Ice on Pine Boughs, Dane County, Wisconsin

Sometimes, in the depths of winter’s bitter cold grip, we wonder why we live in a state like Wisconsin. And other times, we find ourselves in awe of the magical winter scenes that unfold before us.

Frosty Winter Morning, Dane County, Wisconsin

In February, 2008, the Madison, Wisconsin area was “treated” to a thick coating of ice that covered every surface, including the roads. And, amazingly, the icy coatings stayed strong for four days in a row.

Ice on Tree Silhouettes, Dane County, Wisconsin

After the roads had been salted, it was fun to drive around and see everything sparkling like diamonds. Even with the sun shining, the ice stayed on the tree branches, and when the sun set in the evening, the icy branches glowed with an orange hue.

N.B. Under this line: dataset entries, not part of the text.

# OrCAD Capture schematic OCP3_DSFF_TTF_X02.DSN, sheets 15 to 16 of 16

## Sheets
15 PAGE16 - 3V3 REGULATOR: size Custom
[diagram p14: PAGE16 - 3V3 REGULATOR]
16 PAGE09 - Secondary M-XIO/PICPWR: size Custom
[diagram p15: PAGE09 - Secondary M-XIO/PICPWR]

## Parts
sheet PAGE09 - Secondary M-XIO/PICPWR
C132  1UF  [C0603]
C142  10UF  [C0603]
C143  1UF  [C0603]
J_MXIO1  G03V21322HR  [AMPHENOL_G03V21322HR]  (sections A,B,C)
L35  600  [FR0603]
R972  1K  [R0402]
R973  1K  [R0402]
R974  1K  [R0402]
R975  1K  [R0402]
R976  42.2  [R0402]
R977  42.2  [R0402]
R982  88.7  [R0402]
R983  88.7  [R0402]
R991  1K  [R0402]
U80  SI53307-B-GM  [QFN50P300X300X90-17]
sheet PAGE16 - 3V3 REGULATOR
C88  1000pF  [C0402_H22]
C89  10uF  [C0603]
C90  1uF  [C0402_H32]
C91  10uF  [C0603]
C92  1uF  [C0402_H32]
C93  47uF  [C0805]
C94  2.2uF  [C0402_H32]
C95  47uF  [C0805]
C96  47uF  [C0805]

Sunset on Icy Tree Silhouettes, Dane County, Wisconsin

In the middle of January this year, we were treated to some rather unusual weather – freezing fog and a combination of hoar frost and soft rime, which I’ll explain in a minute.

Hoar Frost on the Shores of Rock Lake, Jefferson County, Wisconsin

And, again, this unusual condition happened three days in a row. It was unusual to begin with because January is usually bitter cold. But to have everything frosted from the huge pine trees to the smallest blades of grass was a treat for the eyes.

Frosty Winter Morning, Dane County, Wisconsin

The frost appeared to be hoar frost in some spots and soft rime in others. Hoar frost consists of soft ice crystals that usually form during a clear winter night. And these crystals are deposited on tree branches, bushes, grasses, weeds, and all kinds of other surfaces.

Frosty Winter Morning, Dane County, Wisconsin

Sometimes the hoar frost is so thick that it appears to be snow. Soft rime looks a lot like hoar frost. The difference is actually in how the frost is formed. Soft rime often forms when there is freezing fog (which we had during this weather pattern) and in slightly windy conditions.

Frosty Winter Morning, Dane County, Wisconsin

Soft rime can be fairly compact or it can have fairly long “feathers” and “tails” which might point in the direction from which the wind is coming. The frosted spruce trees below line the road near my home and the trees on the other side of the road were not very frosted on the side toward the road.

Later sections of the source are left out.